Memasuki bagian Zaman Batu Muda (Neolitikum), sekitar 2.500 SM, terasa ada lompatan peradaban yang signifikan. Inilah era "revolusi pertanian", di mana manusia mulai bercocok tanam secara menetap dan beternak. Etalase menampilkan alat-alat batu yang jauh lebih halus dan terpoles, seperti kapak persegi dan beliung lonjong. Kehalusan pengerjaannya menunjukkan tingkat keahlian dan kesabaran yang tinggi. Penemuan gerabah atau tembikar juga menjadi ciri khas zaman ini, menandakan kebutuhan akan wadah untuk menyimpan makanan, memasak, dan bahkan untuk keperluan ritual. Kehidupan menetap memunculkan struktur sosial yang lebih kompleks dan sistem kepercayaan yang mulai terorganisir.
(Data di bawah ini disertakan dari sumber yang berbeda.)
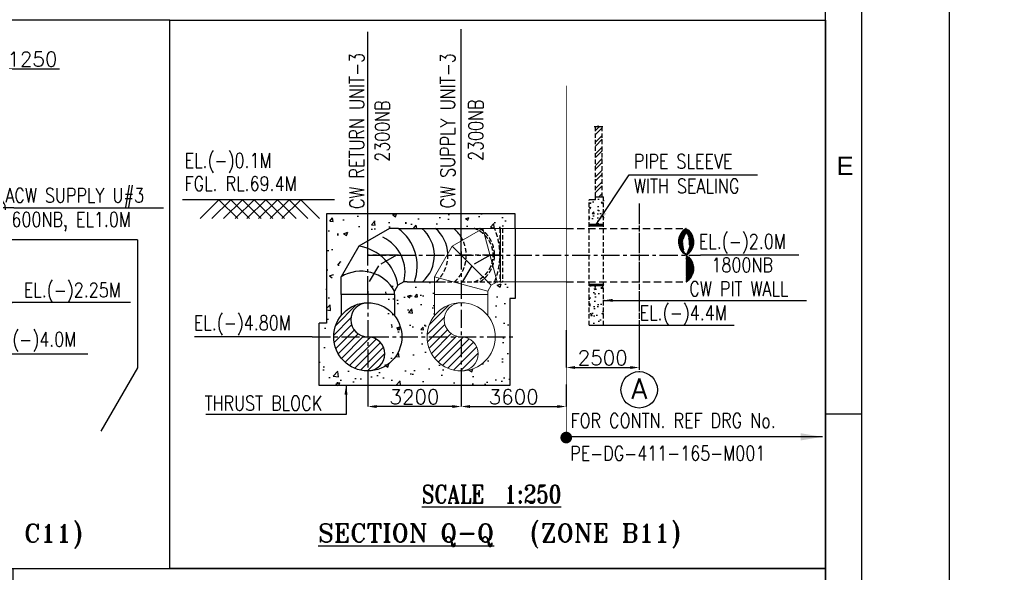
# Model space of a CAD drawing. Header units: inches. Extents: x -341304 to 31571016, y -692717 to 2132253.
# Tile 225 of 256: x 836220 to 903691, y -384121 to -346232. Entities that reach past the tile are written whole.
import ezdxf
from ezdxf.enums import TextEntityAlignment as Align

# ---------------------------------------------------------------- set-up
doc = ezdxf.new("R2010")
doc.units = ezdxf.units.IN
doc.header["$MEASUREMENT"] = 0
doc.linetypes.add('CENTER', pattern=[2, 1.25, -0.25, 0.25, -0.25])
doc.linetypes.add('HIDDEN', pattern=[0.375, 0.25, -0.125])
for name, color, linetype in [('0-ACW PIPE', 6, 'Continuous'), ('0-CL', 8, 'CENTER'), ('0-CW RETURN', 1, 'Continuous'), ('0-CW SUPPLY', 4, 'Continuous'), ('cw pipe', 3, 'Continuous'), ('CWPIPEI', 4, 'Continuous'), ('CWPIPES', 7, 'Continuous'), ('DIM', 1, 'Continuous'), ('ENCASING', 44, 'Continuous'), ('EQP0', 3, 'Continuous'), ('text', 3, 'Continuous'), ('WALL', 40, 'Continuous')]:
    doc.layers.add(name, color=color, linetype=linetype)
doc.layers.add('CENTER', color=2, linetype='CENTER', lineweight=15)
doc.styles.add('ROMANS', font='romans')
doc.styles.add('ROMANT', font='romant', dxfattribs={"height": 5})
doc.styles.get("Standard").update_dxf_attribs({"font": 'arial.ttf'})
doc.dimstyles.new('DIM', dxfattribs={"dimtxt": 200, "dimasz": 200, "dimexe": 0, "dimexo": 0, "dimgap": 75, "dimtad": 1, "dimdec": 0, "dimzin": 0, "dimdsep": 46, "dimtxsty": 'ROMANS', "dimcen": 0, "dimclrd": 9, "dimclre": 9, "dimclrt": 256, "dimadec": 0, "dimazin": 0, "dimtfac": 1, "dimtdec": 0, "dimtmove": 0, "dimatfit": 3, "dimfxl": 0, "dimtolj": 1, "dimtzin": 0, "dimlwd": -1, "dimlwe": -1, "dimarcsym": 0})
doc.dimstyles.new('DIMS-200', dxfattribs={"dimscale": 200, "dimtxt": 2.5, "dimasz": 2.5, "dimexe": 1, "dimexo": 1, "dimgap": 1, "dimtad": 1, "dimdec": 0, "dimzin": 0, "dimdsep": 46, "dimtxsty": 'ROMANS', "dimcen": 1, "dimclrd": 8, "dimclre": 8, "dimclrt": 3, "dimadec": 0, "dimazin": 0, "dimtfac": 1, "dimtdec": 0, "dimtix": 1, "dimtofl": 0, "dimtmove": 0, "dimatfit": 3, "dimfxl": 1, "dimtolj": 1, "dimtzin": 0, "dimarcsym": 0})
doc.dimstyles.new('User-300', dxfattribs={"dimscale": 400, "dimtxt": 1.5, "dimasz": 1.25, "dimexe": 1, "dimexo": 1, "dimgap": 0.4, "dimtad": 1, "dimdec": 0, "dimlfac": 0.5, "dimzin": 0, "dimdsep": 46, "dimtxsty": 'ROMANS', "dimcen": 1, "dimclrd": 8, "dimclre": 8, "dimclrt": 3, "dimadec": 0, "dimazin": 0, "dimtfac": 1, "dimtdec": 0, "dimtix": 1, "dimtofl": 0, "dimtmove": 0, "dimatfit": 3, "dimfxl": 1, "dimtolj": 1, "dimtzin": 0, "dimarcsym": 0})
doc.dimstyles.new('User600', dxfattribs={"dimscale": 500, "dimtxt": 1.5, "dimasz": 1.25, "dimexe": 1, "dimexo": 1, "dimgap": 0.4, "dimtad": 1, "dimdec": 0, "dimzin": 0, "dimdsep": 46, "dimtxsty": 'ROMANS', "dimcen": 1, "dimclrd": 8, "dimclre": 8, "dimclrt": 3, "dimadec": 0, "dimazin": 0, "dimtfac": 1, "dimtdec": 0, "dimtix": 1, "dimtofl": 0, "dimtmove": 0, "dimatfit": 3, "dimfxl": 1, "dimtolj": 1, "dimtzin": 0, "dimarcsym": 0})
pattern_1 = [(50, (-150294.8, 45374.4), (2151.7805, -188.2564), [225, -2475]), (355, (-150294.8, 45374.4), (-416.254, 2256.5764), [180, -1980]), (100.45144, (-150115.5, 45358.7), (1735.5265, 2068.32), [191.2206, -2103.4263]), (46.1842, (-150294.8, 45974.4), (3201.724, -496.558), [337.5, -3712.5]), (96.63564, (-150028, 45933), (2803.986, 2922.356), [286.831, -3155.141]), (351.18416, (-150295, 45974.4), (2803.986, 2922.356), [270, -2970]), (21, (-149994.8, 45824.4), (1790.7212, -1207.8567), [225, -2475]), (326, (-149994.8, 45824.4), (729.946, 2175.45), [180, -1980]), (71.45144, (-149845.6, 45723.8), (2520.6671, 967.5935), [191.2206, -2103.4263]), (37.5, (-150294.84, 45374.4), (36.47957, 998.68156), [0, -1956, 0, -2010, 0, -1987.5]), (7.5, (-150294.8, 45374.4), (789.2086, 1183.23514), [0, -1146, 0, -1911, 0, -757.5]), (327.5, (-150963.84, 45374.4), (1601.4673, -67.6646), [0, -750, 0, -2340, 0, -3105]), (317.5, (-151263.8, 45374.4), (1749.5585, 300.315), [0, -975, 0, -1554, 0, -2205])]
pattern_2 = [(135, (-259952.65, 832771.11), (58.3363094, 58.3363094), []), (45, (-259952.65, 832771.11), (58.3363094, -58.3363094), [])]

# ---------------------------------------------------------------- blocks, each defined once
blk = doc.blocks.new('A$C388E31B1')
at = {"layer": 'text', "insert": (22615, 22467), "char_height": 1000, "width": 10536.55, "attachment_point": 1, "style": 'ROMANS'}
blk.add_mtext('\\pi201.61;{\\W0.8;600NB CW MAKE \\P\\pi430.18;UP LINE U#3&4}', dxfattribs=at)
at = {"layer": 'text', "insert": (-5407, 17688), "char_height": 1000, "width": 17562.2, "attachment_point": 1, "line_spacing_factor": 0.8, "style": 'ROMANS'}
blk.add_mtext('\\pi1638.2;{\\W0.8;CW MAKE UP#3&4 AND \\P\\pi457.29;ACW SUPPLY#1&2 (600NB)\\H1.2286x; }', dxfattribs=at)
blk = doc.blocks.new('*D480')
at = {"layer": '0-CL', "color": 8, "lineweight": -2, "transparency": 16777216}
for p, q in [((-1886277, 161734), (-1886277, 159289)), ((-1879077, 160793), (-1879077, 159289)), ((-1885677, 159289), (-1879677, 159289))]:
    blk.add_line(p, q, dxfattribs=at)
at = {"layer": '0-CL', "color": 8, "transparency": 16777216}
for points in [[(-1885677, 159389), (-1885677, 159189), (-1886277, 159289)], [(-1879677, 159389), (-1879677, 159189), (-1879077, 159289)]]:
    blk.add_solid(points, dxfattribs=at)
at = {"layer": 'Defpoints', "color": 0, "transparency": 16777216}
for p in [(-1886277, 161734), (-1879077, 160793), (-1879077, 159289)]:
    blk.add_point(p, dxfattribs=at)
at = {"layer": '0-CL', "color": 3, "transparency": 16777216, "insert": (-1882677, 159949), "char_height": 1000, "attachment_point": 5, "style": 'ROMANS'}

Salah satu bagian yang paling menggetarkan imajinasi adalah warisan dari Tradisi Megalitikum, yang berkembang seiring atau setelah Neolitikum hingga Zaman Logam awal. Batu-batu besar yang dipahat dan didirikan menjadi monumen monumental: menhir (tugu batu) sebagai sarana pemujaan arwah leluhur, dolmen (meja batu) sebagai tempat sesaji atau penutup kubur, sarkofagus (keranda batu) dengan ukiran-ukiran magis, punden berundak sebagai bangunan suci, dan arca-arca nenek moyang. Melihat replika atau foto-foto situs megalitik seperti di Nias, Sumba, Toraja, atau Pasemah (Sumatera Selatan), kita diajak membayangkan bagaimana masyarakat saat itu mengerahkan tenaga kolektif yang luar biasa untuk memindahkan dan mendirikan batu-batu raksasa ini. Ini bukan sekadar tumpukan batu, melainkan bukti adanya organisasi sosial yang kuat, sistem kepercayaan yang mapan (pemujaan leluhur atau animisme dan dinamisme), serta kemampuan teknis yang mengagumkan.